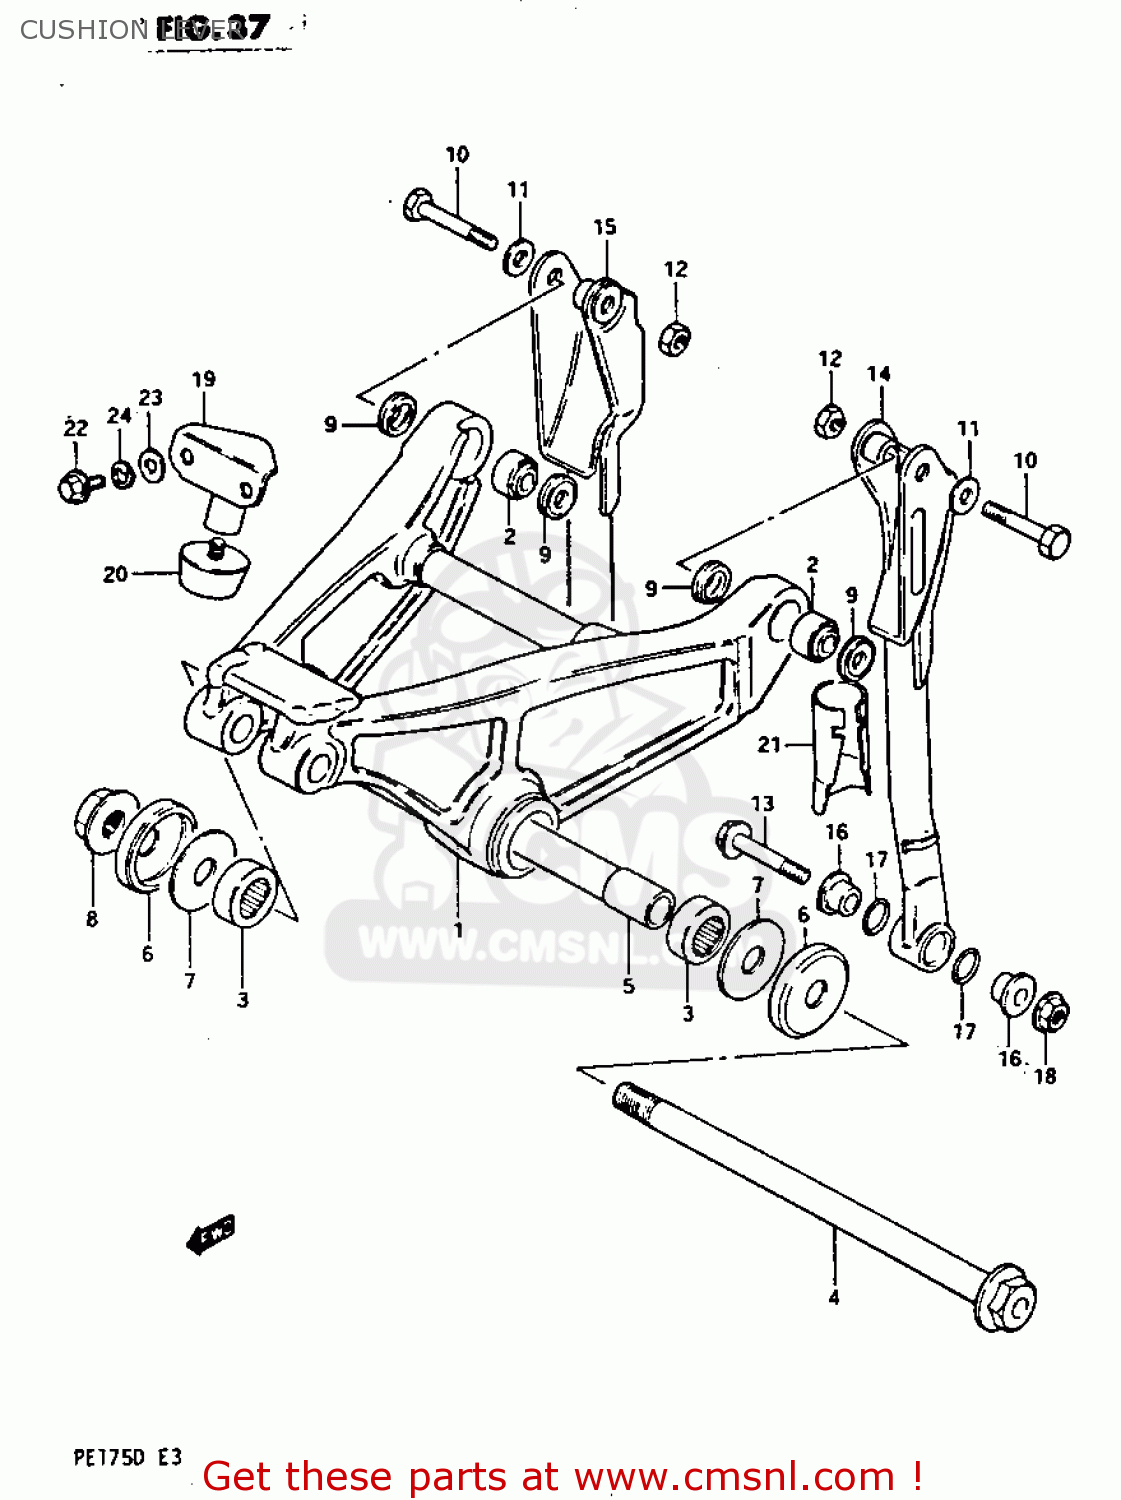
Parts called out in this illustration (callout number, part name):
1	LEVER SET,REAR CUSHION
2	BEARING(8X18X11)
3	BEARING(17X26X20)
4	SHAFT,REAR CUSHION LEVER
5	SPACER,REAR CUSHION LEVER
6	DUST SEAL,REAR CUSHION,LEFT
7	WASHER
8	NUT 12MM
9	DUST SEAL,RR CUSHION LOD UPR.
10	BOLT 8X38
11	WASHER
12	NUT
13	BOLT(8X45)
14	ROD,REAR CUSHION LEVER,LEFT
15	ROD,REAR CUSHION LEVER,RIGHT
16	SPACER,RR CUSHION ROD LWR
17	DUST SEAL,RR CUSHION LOD LWR
18	NUT
19	STOPPER,TENSION
20	RUBBER,TENSION STOPPER
21	PROTECTOR,REAR CUSHION R
22	BOLT
23	WASHER
24	WASHER,LOCK

———

→ **Try it**
Every line above that includes the string "SPACER" should be counted, and the answer should be that number only.

→ **Output for this task**
2